- [What needs to be done]:
Gather every line of the entries that includes the word "source".

Saved entries:
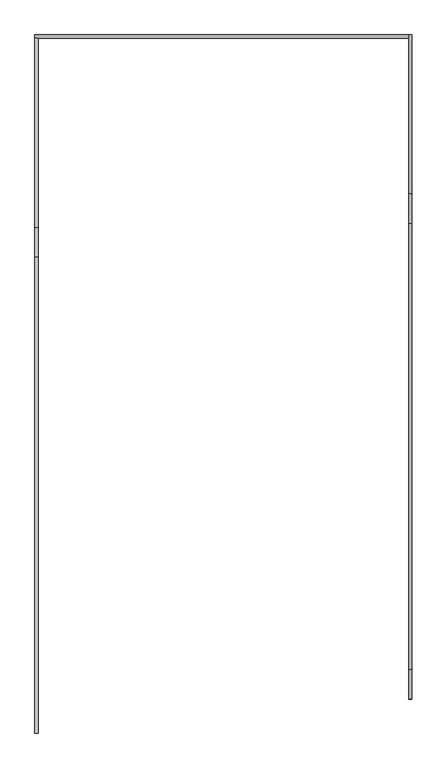
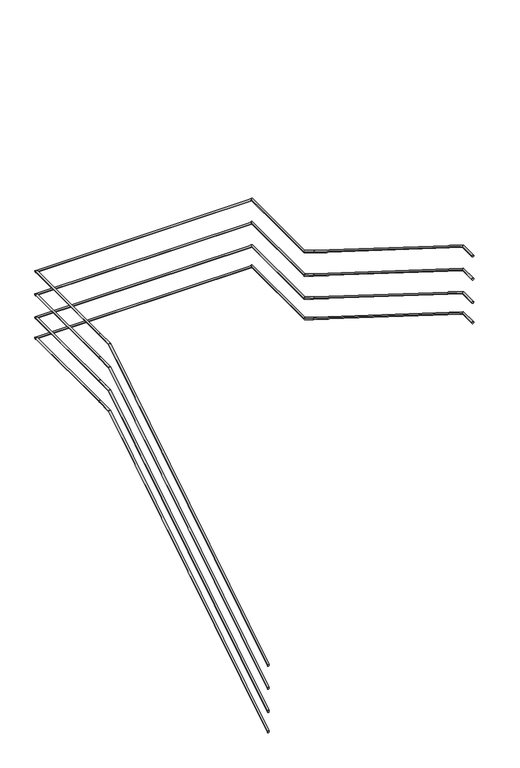
"""IFC4 building model written with IfcOpenShell, lengths in millimetres: railing geometry."""

from ifc_helpers import new_model, si_unit, frame, origin, place, context, project, spatial, circle_curve, ellipse_curve, source, transform, mapped, element, save
from ifc_brep_helpers import plane_surface, cylinder_surface, advanced_brep


def railing_8161422b(model_context):
    return source(origin(), model_context, "Body", "AdvancedBrep", [
        advanced_brep(
        [(51115.4, 10964.5208589, 1508.0091814), (51085.4, 10964.5208589, 1508.0091814), (51115.4, 15448.8385799, 4322.8406512), (51085.4, 15448.8385799, 4322.8406512), (51115.4, 15724.5208589, 4322.8406512), (51085.4, 15724.5208589, 4322.8406512)],
        [
            (0, 1, ellipse_curve(frame((51100.4, 10964.5208589, 1508.0091814), z_axis=(0.0, -1.0, 0.0), x_axis=(0.0, 0.0, -1.0)), 17.7102578, 15.0)),
            (1, 0, ellipse_curve(frame((51100.4, 10964.5208589, 1508.0091814), z_axis=(0.0, -1.0, 0.0), x_axis=(0.0, 0.0, -1.0)), 17.7102578, 15.0)),
            (0, 2),
            (2, 3, ellipse_curve(frame((51100.4, 15448.8385799, 4322.8406512), z_axis=(0.0, -0.9609804318330746, -0.27661635821823227), x_axis=(0.0, 0.27661635821823216, -0.9609804318330747)), 15.6090587, 15.0)),
            (3, 1),
            (3, 2, ellipse_curve(frame((51100.4, 15448.8385799, 4322.8406512), z_axis=(0.0, -0.9609804318330746, -0.27661635821823227), x_axis=(0.0, 0.27661635821823216, -0.9609804318330747)), 15.6090587, 15.0)),
            (4, 5, circle_curve(frame((51100.4, 15724.5208589, 4322.8406512), z_axis=(0.0, 1.0, 0.0), x_axis=(-1.0, 0.0, 0.0)), 15.0)),
            (5, 4, circle_curve(frame((51100.4, 15724.5208589, 4322.8406512), z_axis=(0.0, 1.0, 0.0), x_axis=(-1.0, 0.0, 0.0)), 15.0)),
            (2, 4),
            (5, 3),
        ],
        [
            plane_surface(frame((51100.4, 10964.5208589, 1525.7194391), z_axis=(0.0, -1.0, 0.0), x_axis=(0.0, 0.0, 1.0))),
            cylinder_surface(frame((51100.4, 10972.4955461, 1513.0149374), z_axis=(0.0, -0.8469667807321652, -0.5316458147452987), x_axis=(-1.0, 0.0, 0.0)), 15.0),
            plane_surface(frame((51100.4, 15724.5208589, 4337.8406512), z_axis=(0.0, 1.0, 0.0), x_axis=(0.0, 0.0, 1.0))),
            cylinder_surface(frame((51100.4, 15444.5208589, 4322.8406512), z_axis=(0.0, -1.0, 0.0), x_axis=(-1.0, 0.0, 0.0)), 15.0),
        ],
        [
            (0, [[1, 2]]),
            (1, [[-1, 3, 4, 5]]),
            (1, [[-2, -5, 6, -3]]),
            (2, [[7, 8]]),
            (3, [[-4, 9, -8, 10]]),
            (3, [[-6, -10, -7, -9]]),
        ],
    ),
        advanced_brep(
        [(51115.4, 15724.5208589, 4322.8406512), (51085.4, 15724.5208589, 4322.8406512), (51115.4, 17509.1208589, 4322.8406512), (51085.4, 17509.1208589, 4322.8406512)],
        [
            (0, 1, circle_curve(frame((51100.4, 15724.5208589, 4322.8406512), z_axis=(0.0, -1.0, 0.0), x_axis=(-1.0, 0.0, 0.0)), 15.0)),
            (1, 0, circle_curve(frame((51100.4, 15724.5208589, 4322.8406512), z_axis=(0.0, -1.0, 0.0), x_axis=(-1.0, 0.0, 0.0)), 15.0)),
            (2, 3, circle_curve(frame((51100.4, 17509.1208589, 4322.8406512), z_axis=(0.0, 1.0, 0.0), x_axis=(-1.0, 0.0, 0.0)), 15.0)),
            (3, 2, circle_curve(frame((51100.4, 17509.1208589, 4322.8406512), z_axis=(0.0, 1.0, 0.0), x_axis=(-1.0, 0.0, 0.0)), 15.0)),
            (0, 2),
            (3, 1),
        ],
        [
            plane_surface(frame((51100.4, 15724.5208589, 4337.8406512), z_axis=(0.0, -1.0, 0.0), x_axis=(0.0, 0.0, 1.0))),
            plane_surface(frame((51100.4, 17509.1208589, 4337.8406512), z_axis=(0.0, 1.0, 0.0), x_axis=(0.0, 0.0, 1.0))),
            cylinder_surface(frame((51100.4, 15724.5208589, 4322.8406512), z_axis=(0.0, -1.0, 0.0), x_axis=(-1.0, 0.0, 0.0)), 15.0),
        ],
        [
            (0, [[1, 2]]),
            (1, [[3, 4]]),
            (2, [[-1, 5, -4, 6]]),
            (2, [[-2, -6, -3, -5]]),
        ],
    ),
        advanced_brep(
        [(51085.4, 17509.1208589, 4322.8406512), (51085.4, 17539.1208589, 4322.8406512), (54609.6, 17509.1208589, 4322.8406512), (54609.6, 17539.1208589, 4322.8406512)],
        [
            (0, 1, circle_curve(frame((51085.4, 17524.1208589, 4322.8406512), z_axis=(-1.0, 0.0, 0.0), x_axis=(0.0, 1.0, 0.0)), 15.0)),
            (1, 0, circle_curve(frame((51085.4, 17524.1208589, 4322.8406512), z_axis=(-1.0, 0.0, 0.0), x_axis=(0.0, 1.0, 0.0)), 15.0)),
            (2, 3, circle_curve(frame((54609.6, 17524.1208589, 4322.8406512), z_axis=(1.0, 0.0, 0.0), x_axis=(0.0, 1.0, 0.0)), 15.0)),
            (3, 2, circle_curve(frame((54609.6, 17524.1208589, 4322.8406512), z_axis=(1.0, 0.0, 0.0), x_axis=(0.0, 1.0, 0.0)), 15.0)),
            (0, 2),
            (3, 1),
        ],
        [
            plane_surface(frame((51085.4, 17524.1208589, 4337.8406512), z_axis=(-1.0, 0.0, 0.0), x_axis=(0.0, 1.0, 0.0))),
            plane_surface(frame((54609.6, 17524.1208589, 4337.8406512), z_axis=(1.0, 0.0, 0.0), x_axis=(0.0, 1.0, 0.0))),
            cylinder_surface(frame((51085.4, 17524.1208589, 4322.8406512), z_axis=(-1.0, 0.0, 0.0), x_axis=(0.0, 1.0, 0.0)), 15.0),
        ],
        [
            (0, [[1, 2]]),
            (1, [[3, 4]]),
            (2, [[-1, 5, -4, 6]]),
            (2, [[-2, -6, -3, -5]]),
        ],
    ),
        advanced_brep(
        [(54609.6, 17539.1208589, 4322.8406512), (54639.6, 17539.1208589, 4322.8406512), (54609.6, 16040.2031379, 4322.8406512), (54639.6, 16040.2031379, 4322.8406512), (54609.6, 15764.5208589, 4495.8879692), (54639.6, 15764.5208589, 4495.8879692)],
        [
            (0, 1, circle_curve(frame((54624.6, 17539.1208589, 4322.8406512), z_axis=(0.0, 1.0, 0.0), x_axis=(1.0, 0.0, 0.0)), 15.0)),
            (1, 0, circle_curve(frame((54624.6, 17539.1208589, 4322.8406512), z_axis=(0.0, 1.0, 0.0), x_axis=(1.0, 0.0, 0.0)), 15.0)),
            (0, 2),
            (2, 3, ellipse_curve(frame((54624.6, 16040.2031379, 4322.8406512), z_axis=(0.0, 0.9609804318330746, -0.27661635821823227), x_axis=(0.0, 0.2766163582182326, 0.9609804318330746)), 15.6090587, 15.0)),
            (3, 1),
            (3, 2, ellipse_curve(frame((54624.6, 16040.2031379, 4322.8406512), z_axis=(0.0, 0.9609804318330746, -0.27661635821823227), x_axis=(0.0, 0.2766163582182326, 0.9609804318330746)), 15.6090587, 15.0)),
            (4, 5, ellipse_curve(frame((54624.6, 15764.5208589, 4495.8879692), z_axis=(0.0, -1.0, 0.0), x_axis=(0.0, 0.0, -1.0)), 17.7102578, 15.0)),
            (5, 4, ellipse_curve(frame((54624.6, 15764.5208589, 4495.8879692), z_axis=(0.0, -1.0, 0.0), x_axis=(0.0, 0.0, -1.0)), 17.7102578, 15.0)),
            (2, 4),
            (5, 3),
        ],
        [
            plane_surface(frame((54624.6, 17539.1208589, 4337.8406512), z_axis=(0.0, 1.0, 0.0), x_axis=(0.0, 0.0, -1.0))),
            cylinder_surface(frame((54624.6, 17539.1208589, 4322.8406512), z_axis=(0.0, 1.0, 0.0), x_axis=(1.0, 0.0, 0.0)), 15.0),
            plane_surface(frame((54624.6, 15764.5208589, 4513.598227), z_axis=(0.0, -1.0, 0.0), x_axis=(0.0, 0.0, -1.0))),
            cylinder_surface(frame((54624.6, 16036.5461717, 4325.1361495), z_axis=(0.0, 0.8469667807321651, -0.5316458147452987), x_axis=(1.0, 0.0, 0.0)), 15.0),
        ],
        [
            (0, [[1, 2]]),
            (1, [[-1, 3, 4, 5]]),
            (1, [[-2, -5, 6, -3]]),
            (2, [[7, 8]]),
            (3, [[-4, 9, -8, 10]]),
            (3, [[-6, -10, -7, -9]]),
        ],
    ),
        advanced_brep(
        [(54609.6, 15764.5208589, 4495.8879692), (54639.6, 15764.5208589, 4495.8879692), (54609.6, 11560.2031379, 7134.9618634), (54639.6, 11560.2031379, 7134.9618634), (54609.6, 11284.5208589, 7134.9618634), (54639.6, 11284.5208589, 7134.9618634)],
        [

- [Your response]:
from ifc_helpers import new_model, si_unit, frame, origin, place, context, project, spatial, circle_curve, ellipse_curve, source, transform, mapped, element, save
    return source(origin(), model_context, "Body", "AdvancedBrep", [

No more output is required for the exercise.